** Opening MATERIALS PROVIDED block **

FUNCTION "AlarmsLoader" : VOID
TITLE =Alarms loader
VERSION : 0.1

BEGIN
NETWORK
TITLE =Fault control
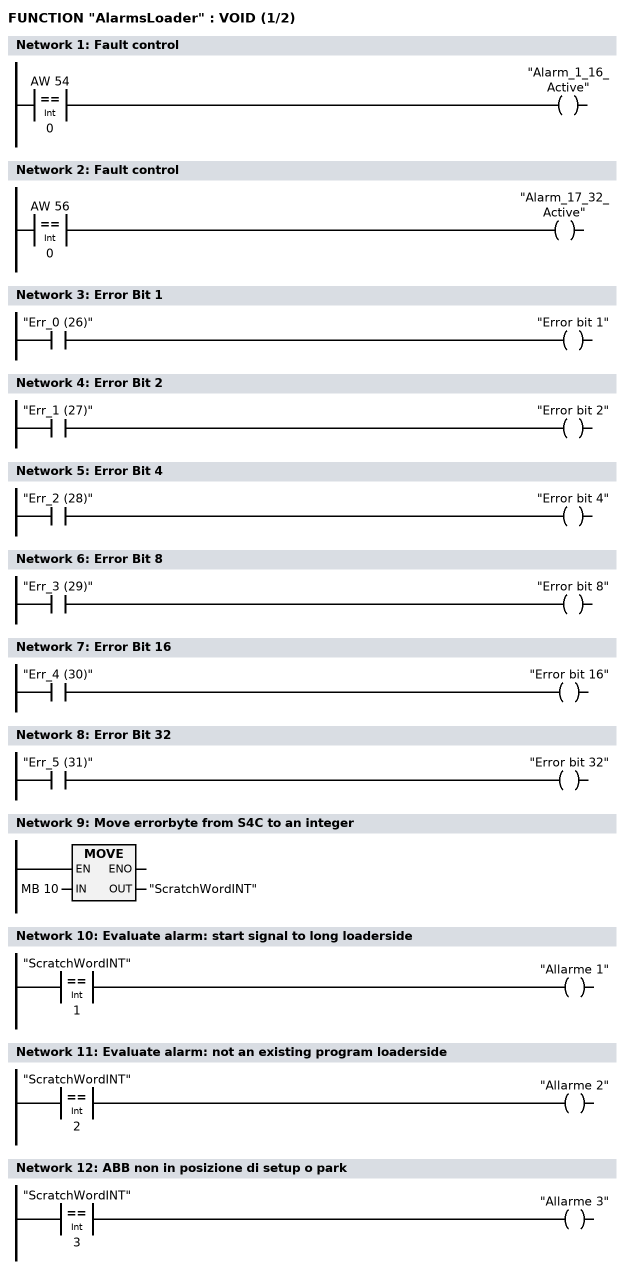
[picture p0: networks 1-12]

      L     AW    54;
      L     0;
      ==I   ;
      =     "Alarm_1_16_Active";
NETWORK
TITLE =Fault control

      L     AW    56;
      L     0;
      ==I   ;
      =     "Alarm_17_32_Active";
NETWORK
TITLE =Error Bit 1

      U     "Err_0 (26)";
      =     "Error bit 1";
NETWORK
TITLE =Error Bit 2

      U     "Err_1 (27)";
      =     "Error bit 2";
NETWORK
TITLE =Error Bit 4

      U     "Err_2 (28)";
      =     "Error bit 4";
NETWORK
TITLE =Error Bit 8

      U     "Err_3 (29)";
      =     "Error bit 8";
NETWORK
TITLE =Error Bit 16

      U     "Err_4 (30)";
      =     "Error bit 16";
NETWORK
TITLE =Error Bit 32

      U     "Err_5 (31)";
      =     "Error bit 32";
NETWORK
TITLE =Move errorbyte from S4C to an integer

      L     MB    10;
      T     "ScratchWordINT";
      NOP   0;
NETWORK
TITLE =Evaluate alarm: start signal to long loaderside

      L     "ScratchWordINT";
      L     1;
      ==I   ;
      =     "Allarme 1";
NETWORK
TITLE =Evaluate alarm: not an existing program loaderside

      L     "ScratchWordINT";
      L     2;
      ==I   ;
      =     "Allarme 2";
NETWORK
TITLE =ABB non in posizione di setup o park

      L     "ScratchWordINT";
      L     3;
      ==I   ;
      =     "Allarme 3";
NETWORK
TITLE =Programma non uguale tra ABB e Destacker
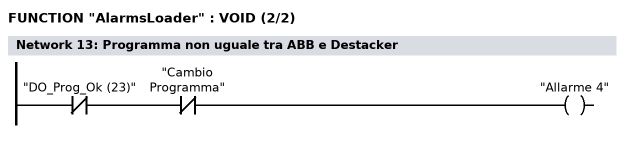
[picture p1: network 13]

      UN    "DO_Prog_Ok (23)";
      UN    "Cambio Programma";
      =     "Allarme 4";
NETWORK
TITLE =Anomalia inserzione motori ABB

      U(    ;
      UN    "Selezione manuale";
      U     "DO_Runch_Ok (5)";
      U     "DI_Mot_On (2)";
      UN    "DO_Mot_On_S (6)";
      L     S5T#2S;
      SE    "T19";
      NOP   0;
      NOP   0;
      NOP   0;
      U     "T19";
      )     ;
      S     "S4CLdNoMotorResponse";
      U     "Reset allarmi SH5";
      R     "S4CLdNoMotorResponse";
      U     "S4CLdNoMotorResponse";
      =     "Allarme 5";
NETWORK
TITLE =Programma ABB non in running
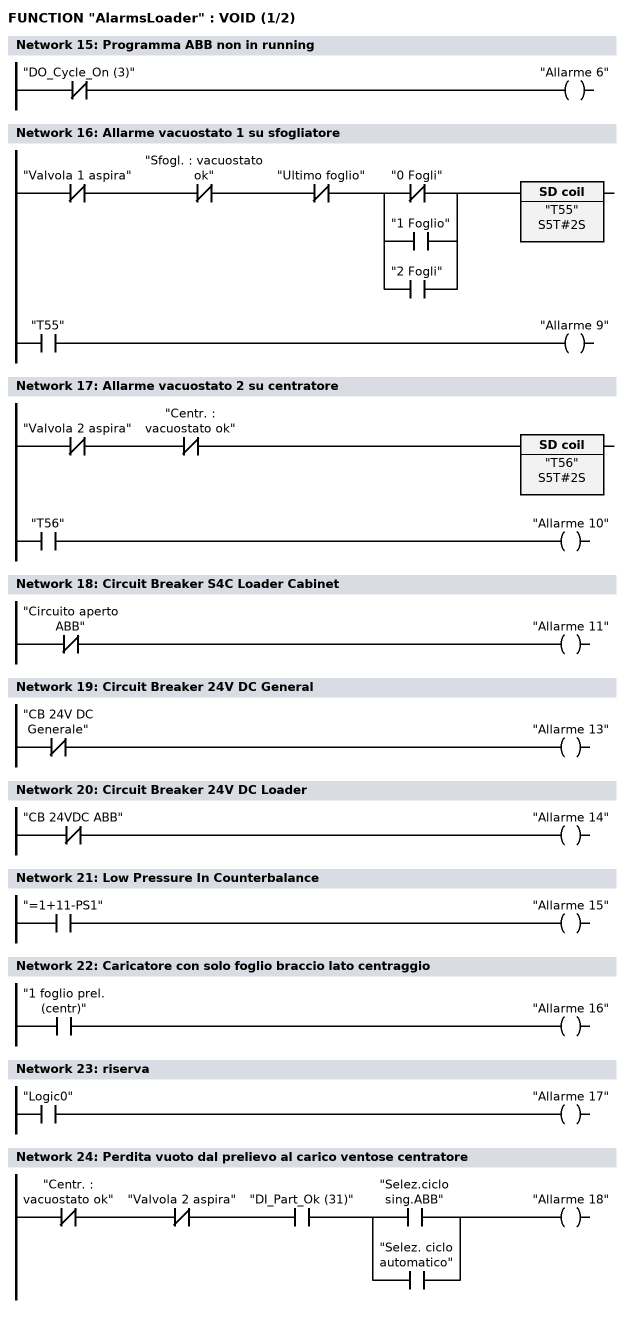
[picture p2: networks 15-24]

      UN    "DO_Cycle_On (3)";
      =     "Allarme 6";
NETWORK
TITLE =Allarme vacuostato 1 su sfogliatore

      UN    "Valvola 1 aspira";
      UN    "Sfogl. : vacuostato ok";
      UN    "Ultimo foglio";
      U(    ;
      ON    "0 Fogli";
      O     "1 Foglio";
      O     "2 Fogli";
      )     ;
      L     S5T#2S;
      SE    "T55";
      NOP   0;
      NOP   0;
      NOP   0;
      U     "T55";
      =     "Allarme 9";
NETWORK
TITLE =Allarme vacuostato 2 su centratore

      UN    "Valvola 2 aspira";
      UN    "Centr. : vacuostato ok";
      L     S5T#2S;
      SE    "T56";
      NOP   0;
      NOP   0;
      NOP   0;
      U     "T56";
      =     "Allarme 10";
NETWORK
TITLE =Circuit Breaker S4C Loader Cabinet

      UN    "Circuito aperto ABB";
      =     "Allarme 11";
NETWORK
TITLE =Circuit Breaker 24V DC General

      UN    "CB 24V DC Generale";
      =     "Allarme 13";
NETWORK
TITLE =Circuit Breaker 24V DC Loader

      UN    "CB 24VDC ABB";
      =     "Allarme 14";
NETWORK
TITLE =Low Pressure In Counterbalance

      U     "=1+11-PS1";
      =     "Allarme 15";
NETWORK
TITLE =Caricatore con solo foglio braccio lato centraggio

      U     "1 foglio prel. (centr)";
      =     "Allarme 16";
NETWORK
TITLE =riserva

      U     "Logic0";
      =     "Allarme 17";
NETWORK
TITLE =Perdita vuoto dal prelievo al carico ventose centratore

      UN    "Centr. : vacuostato ok";
      UN    "Valvola 2 aspira";
      U     "DI_Part_Ok (31)";
      U(    ;
      O     "Selez.ciclo sing.ABB";
      O     "Selez. ciclo automatico";
      )     ;
      =     "Allarme 18";
NETWORK
TITLE =Pressa non pronta per auto
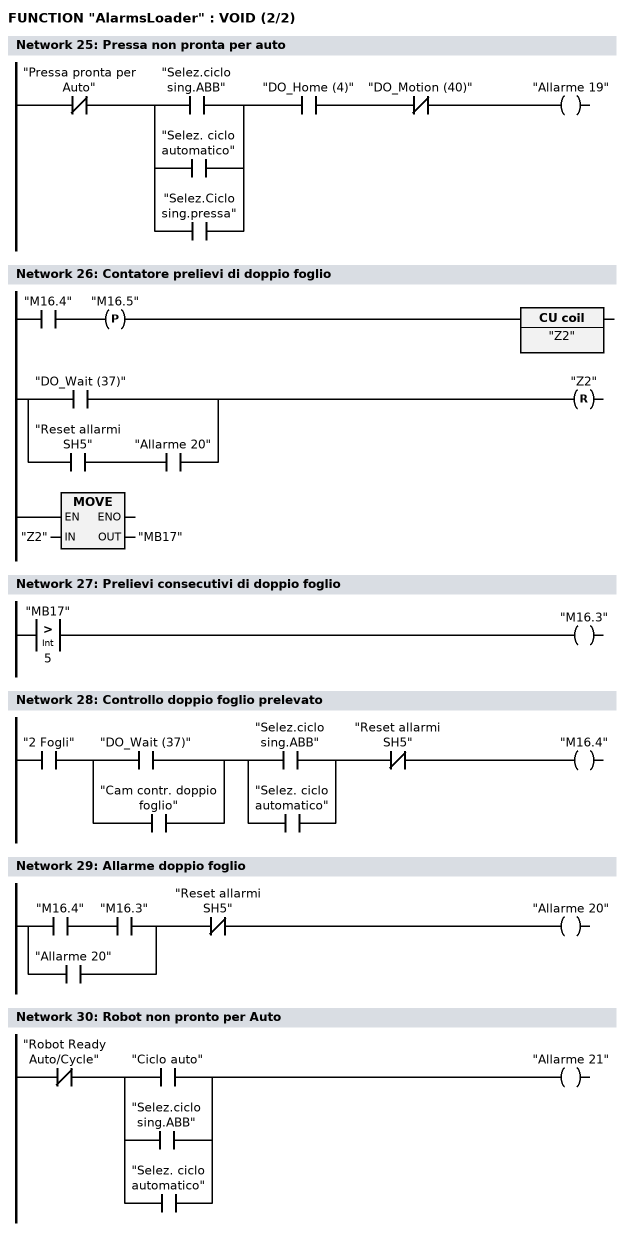
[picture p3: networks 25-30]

      UN    "Pressa pronta per Auto";
      U(    ;
      O     "Selez.ciclo sing.ABB";
      O     "Selez. ciclo automatico";
      O     "Selez.Ciclo sing.pressa";
      )     ;
      U     "DO_Home (4)";
      UN    "DO_Motion (40)";
      =     "Allarme 19";
NETWORK
TITLE = Contatore prelievi di doppio foglio

      U     "M16.4";
      FP    "M16.5";
      ZV    "Z2";
      BLD   101;
      NOP   0;
      NOP   0;
      U(    ;
      O     "DO_Wait (37)";
      O     ;
      U     "Reset allarmi SH5";
      U     "Allarme 20";
      )     ;
      R     "Z2";
      L     "Z2";
      T     "MB17";
      NOP   0;
      NOP   0;
NETWORK
TITLE =Prelievi consecutivi di doppio foglio

      L     "MB17";
      L     5;
      >I    ;
      =     "M16.3";
NETWORK
TITLE =Controllo doppio foglio prelevato

      U     "2 Fogli";
      U(    ;
      O     "DO_Wait (37)";
      O     "Cam contr. doppio foglio";
      )     ;
      U(    ;
      O     "Selez.ciclo sing.ABB";
      O     "Selez. ciclo automatico";
      )     ;
      UN    "Reset allarmi SH5";
      =     "M16.4";
NETWORK
TITLE =Allarme doppio foglio

      U(    ;
      U     "M16.4";
      U     "M16.3";
      O     "Allarme 20";
      )     ;
      UN    "Reset allarmi SH5";
      =     "Allarme 20";
NETWORK
TITLE =Robot non pronto per Auto

      UN    "Robot Ready Auto/Cycle";
      U(    ;
      O     "Ciclo auto";
      O     "Selez.ciclo sing.ABB";
      O     "Selez. ciclo automatico";
      )     ;
      =     "Allarme 21";
NETWORK
TITLE =No Part On Centering Station
//
//
      O(    ;
      UN    "P.E. su centratore";
      U     "DO_Home (4)";
      U(    ;
      O     "Condizioni ok per auto";
      O     "Ciclo auto";
      )     ;
      L     S5T#1S500MS;
      SE    "T75";
      NOP   0;
      NOP   0;
      NOP   0;
      U     "T75";
      )     ;
      O     ;
      U     "Allarme 22";
      UN    "Reset allarmi SH5";
      =     "Allarme 22";
NETWORK
TITLE =Loader Not In Production Position
//
//
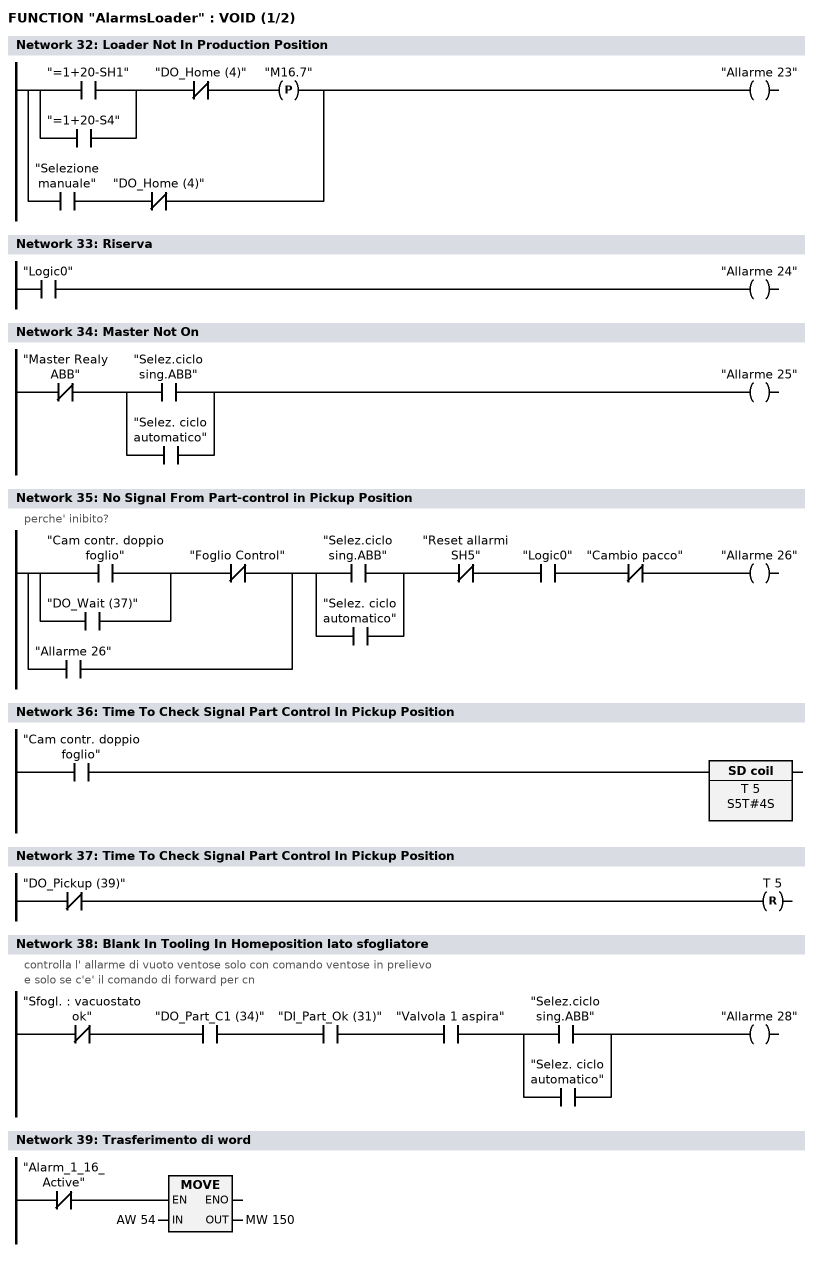
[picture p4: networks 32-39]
      U(    ;
      O     "=1+20-SH1";
      O     "=1+20-S4";
      )     ;
      UN    "DO_Home (4)";
      FP    "M16.7";
      O     ;
      U     "Selezione manuale";
      UN    "DO_Home (4)";
      =     "Allarme 23";
NETWORK
TITLE =Riserva

      U     "Logic0";
      =     "Allarme 24";
NETWORK
TITLE =Master Not On

      UN    "Master Realy ABB";
      U(    ;
      O     "Selez.ciclo sing.ABB";
      O     "Selez. ciclo automatico";
      )     ;
      =     "Allarme 25";
NETWORK
TITLE =No Signal From Part-control in Pickup Position
//perche' inibito?
      U(    ;
      U(    ;
      O     "Cam contr. doppio foglio";
      O     "DO_Wait (37)";
      )     ;
      UN    "Foglio Control";
      O     "Allarme 26";
      )     ;
      U(    ;
      O     "Selez.ciclo sing.ABB";
      O     "Selez. ciclo automatico";
      )     ;
      UN    "Reset allarmi SH5";
      U     "Logic0";
      UN    "Cambio pacco";
      =     "Allarme 26";
NETWORK
TITLE =Time To Check Signal Part Control In Pickup Position

      U     "Cam contr. doppio foglio";
      L     S5T#4S;
      SE    T      5;
NETWORK
TITLE =Time To Check Signal Part Control In Pickup Position

      UN    "DO_Pickup (39)";
      R     T      5;
NETWORK
TITLE =Blank In Tooling In Homeposition lato sfogliatore
//controlla l' allarme di vuoto ventose solo con comando ventose in prelievo
//e solo se c'e' il comando di forward per cn
//
      UN    "Sfogl. : vacuostato ok";
      U     "DO_Part_C1 (34)";
      U     "DI_Part_Ok (31)";
      U     "Valvola 1 aspira";
      U(    ;
      O     "Selez.ciclo sing.ABB";
      O     "Selez. ciclo automatico";
      )     ;
      =     "Allarme 28";
NETWORK
TITLE =Trasferimento di word

      UN    "Alarm_1_16_Active";
      SPBNB _001;
      L     AW    54;
      T     MW   150;
_001: NOP   0;
NETWORK
TITLE =Trasferimento di word
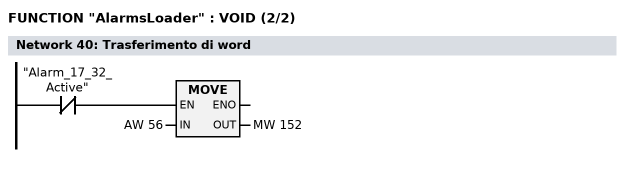
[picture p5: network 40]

      UN    "Alarm_17_32_Active";
      SPBNB _003;
      L     AW    56;
      T     MW   152;
_003: NOP   0;
END_FUNCTION

** Closing MATERIALS PROVIDED block **

### YOUR INSTRUCTIONS
Copy each line in the entries above where "pronta" turns up.

### EXERCISE RESPONSE
TITLE =Pressa non pronta per auto
      UN    "Pressa pronta per Auto";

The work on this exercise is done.